Предыдущая глава |
↓ Содержание ↓
↑ Свернуть ↑
| Следующая глава |
Возвращение Рона было подобно удару бладжером по голове — неожиданному, оглушающему и болезненному. Сначала — немое потрясение, потом буря: Гермиона, бледная как мел, сначала ударила его кулаком в грудь со словами «Как ты мог!», а затем вцепилась в него в истерических рыданиях. Гарри просто стоял, потом бросился вперед, схватив друга в мертвую хватку объятий, бормоча что-то невнятное про «идиота» и «рад, черт возьми». Облегчение было таким острым, что кружило голову.
А потом наступила тишина. Густая, липкая, неловкая. Ледяная стена выросла между тремя друзьями, как только первая буря эмоций схлынула.

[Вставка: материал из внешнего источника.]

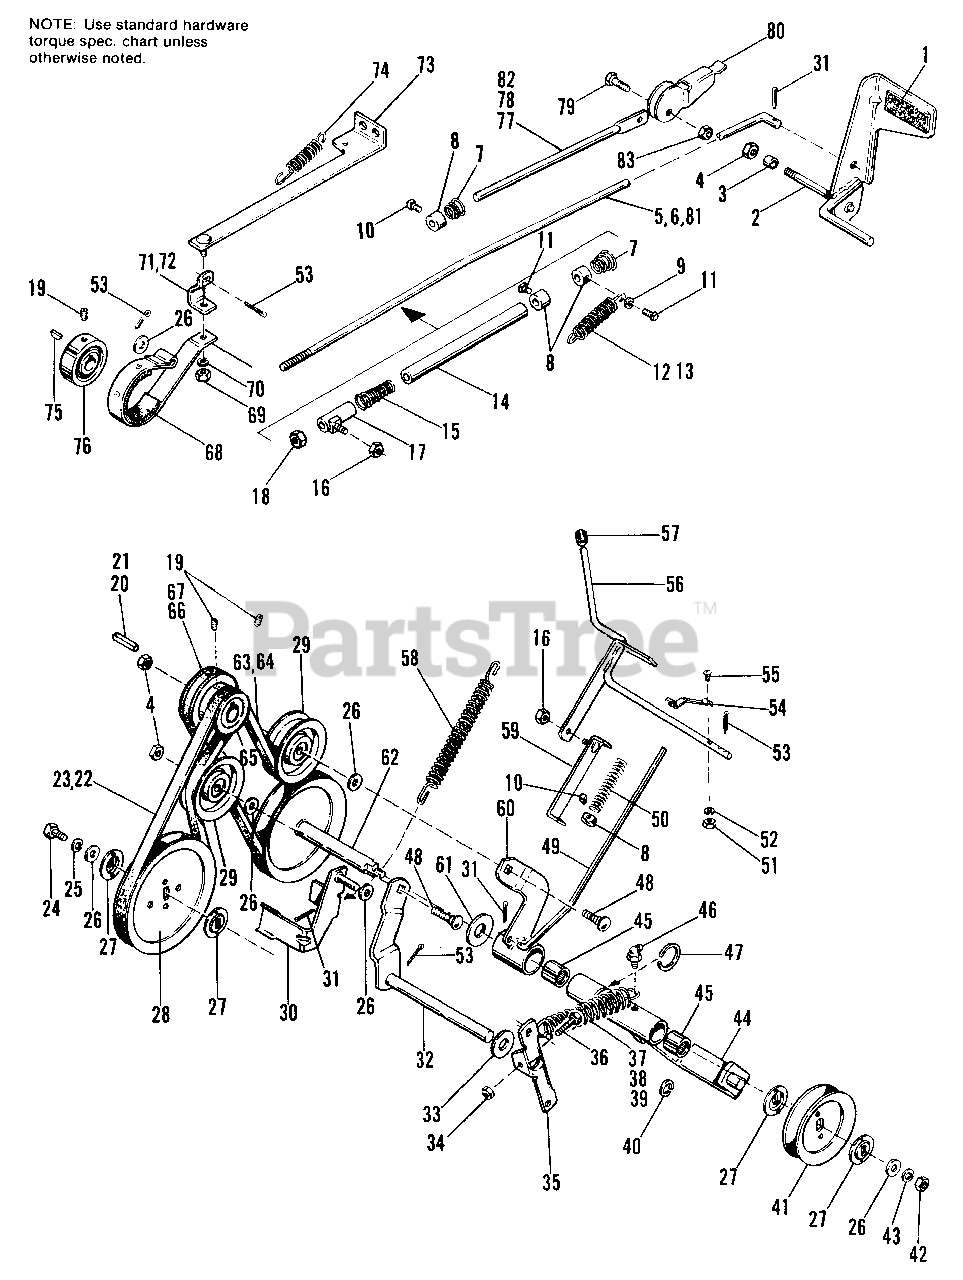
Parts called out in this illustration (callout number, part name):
1	PAD, Pedal
2	PEDAL ASSY., Foot
4	LOCKNUT, Hex, 3/8-16
5	ROD, Clutch
6	ROD, Clutch
8	COLLAR, Set
9	WASHER, Plain, 3/16
10	SETSCREW, 1/4-20 x 3/8
11	SETSCREW, 1/4-20 x 5/8
12	SPRING
13	SPRING
16	LOCKNUT, Hex, 5/16-18
17	GUIDE ASSY., Rod
18	LOCKNUT, Elastic, 5/16-18
19	SETSCREW, 5/16-18 x 5/16
20	KEY
21	KEY (Used on 1690128)
22	BELT, V
23	BELT, V
24	CAPSCREW, Hex Hd., 5/16-18 x 7/8
25	LOCKWASHER, 5/16
26	WASHER, Plain, 5/16
27	WASHER, Special
29	PULLEY, Idler
30	BRAKE ASSY., P.T.O.
31	PIN, Cotter, 3/32 x 1
32	ARM ASSY., Idler
33	WASHER, Plain, 7/16
34	LOCKNUT, Hex, 1/4-20
35	LEVER, Brake & Clutch
36	CAPSCREW, Hex Hd., 1/4-20 x 1
37	SPRING
38	SPRING (Used on 1690124 & 1690240)
39	SPRING (Used on 1690128 & 1690242)
40	RING, Retaining
42	NUT, Hex, Full, 3/8-16
43	LOCKWASHER, 3/8
44	HOUSING ASSY.
45	BEARING, Needle
46	FITTING, Grease
47	RING, Retaining
48	BOLT, Carriage, 3/8-16 x 1
49	ROD, Clutch
51	NUT, Hex, Mach. #10-32
52	LOCKWASHER, #10
53	PIN, Cotter, 1/8 x 1 (Qty. 3 used on 1690128)
54	SPRING, Clip
55	SCREW, Mach., #10-32 x 3/4
56	HANDLE ASSY., Control
59	GUIDE ASSY., Rod
60	LEVER ASSY., Idler
62	SHAFT ASSY., Pulley
63	BELT, V
64	BELT, V
65	PULLEY, Transmission Drive
66	PULLEY, Engine
67	PULLEY, Engine
68	BAND ASSY., Brake
69	NUT, Hex, Full, 1/4-20
70	LOCKWASHER, 1/4
71	LEVER, Brake
72	LEVER, Brake
73	GUIDE ASSY., Brake
75	KEY, 5/32 x 5/8
76	DRUM, Brake
77	ROD, Brake
78	ROD, Brake (Used on 1690128)
79	CAPSCREW, Hex Hd., 1/4-20 x 5/8
81	ROD, Clutch (Used on 1690242)
82	ROD, Brake (Used on 1690242)
83	LOCKNUT, Hex, 1/4-20

Рон *знал*. Он почувствовал это сразу, еще до того, как Гермиона, отходя от объятий, машинально потянулась поправить сползшие очки Гарри, а тот инстинктивно прикрыл ее руку своей. Знание ударило его в солнечное сплетение — тупой болью, жгучей ревностью, горечью и жгучим стыдом за свой уход. Его голубые глаза, обычно такие открытые, стали щитом, за которым пряталась буря чувств. Он стал молчалив, резок, избегал их взглядов.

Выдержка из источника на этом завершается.